REQUIREMENT ▸ Images should be omitted while the rest of the data is duplicated exactly.

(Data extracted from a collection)
-- -- --
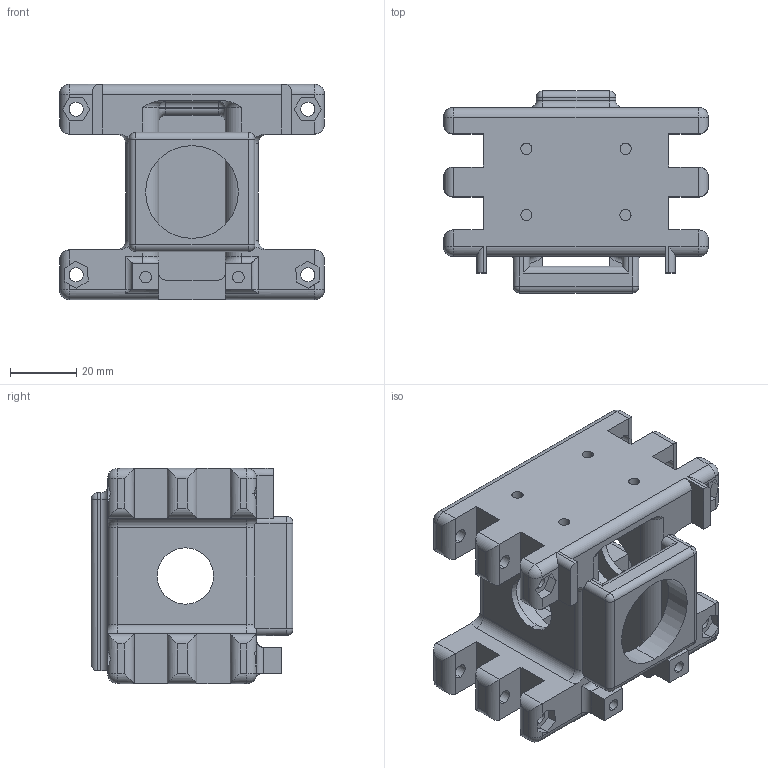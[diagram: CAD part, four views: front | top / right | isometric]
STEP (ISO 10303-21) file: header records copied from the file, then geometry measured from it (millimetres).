
FILE_DESCRIPTION (( 'STEP AP203' ), '1' );
FILE_NAME ('Main Suspension Hub Connector Rear.STEP', '2026-01-17T21:10:58', ( '' ), ( '' ), 'SwSTEP 2.0', 'SolidWorks 2026', '' );
FILE_SCHEMA (( 'CONFIG_CONTROL_DESIGN' ));
Length unit declared in the file: millimetre
Products named in the file (1): Main Suspension Hub Connector Rear
Bounding box: 80 x 61 x 65 mm (x, y, z)
Volume: 97591 mm3; surface area: 37589.9 mm2
Topology: 1 solids, 1 shells, 347 faces, 938 edges, 573 vertices
Faces by surface type: cylinder 176, plane 134, torus 21, sphere 16
Entity records: 11193 total; most frequent: CARTESIAN_POINT 2508, ORIENTED_EDGE 1844, DIRECTION 1804, EDGE_CURVE 922, AXIS2_PLACEMENT_3D 647, VERTEX_POINT 573, LINE 510, VECTOR 510
-- -- --
RESPONSE TO THIS EXERCISE ▸
[diagram: CAD part, four views: front | top / right | isometric]
STEP (ISO 10303-21) file: header records copied from the file, then geometry measured from it (millimetres).
FILE_DESCRIPTION (( 'STEP AP203' ), '1' );
FILE_NAME ('Main Suspension Hub Connector Rear.STEP', '2026-01-17T21:10:58', ( '' ), ( '' ), 'SwSTEP 2.0', 'SolidWorks 2026', '' );
FILE_SCHEMA (( 'CONFIG_CONTROL_DESIGN' ));
Length unit declared in the file: millimetre
Products named in the file (1): Main Suspension Hub Connector Rear
Bounding box: 80 x 61 x 65 mm (x, y, z)
Volume: 97591 mm3; surface area: 37589.9 mm2
Topology: 1 solids, 1 shells, 347 faces, 938 edges, 573 vertices
Faces by surface type: cylinder 176, plane 134, torus 21, sphere 16
Entity records: 11193 total; most frequent: CARTESIAN_POINT 2508, ORIENTED_EDGE 1844, DIRECTION 1804, EDGE_CURVE 922, AXIS2_PLACEMENT_3D 647, VERTEX_POINT 573, LINE 510, VECTOR 510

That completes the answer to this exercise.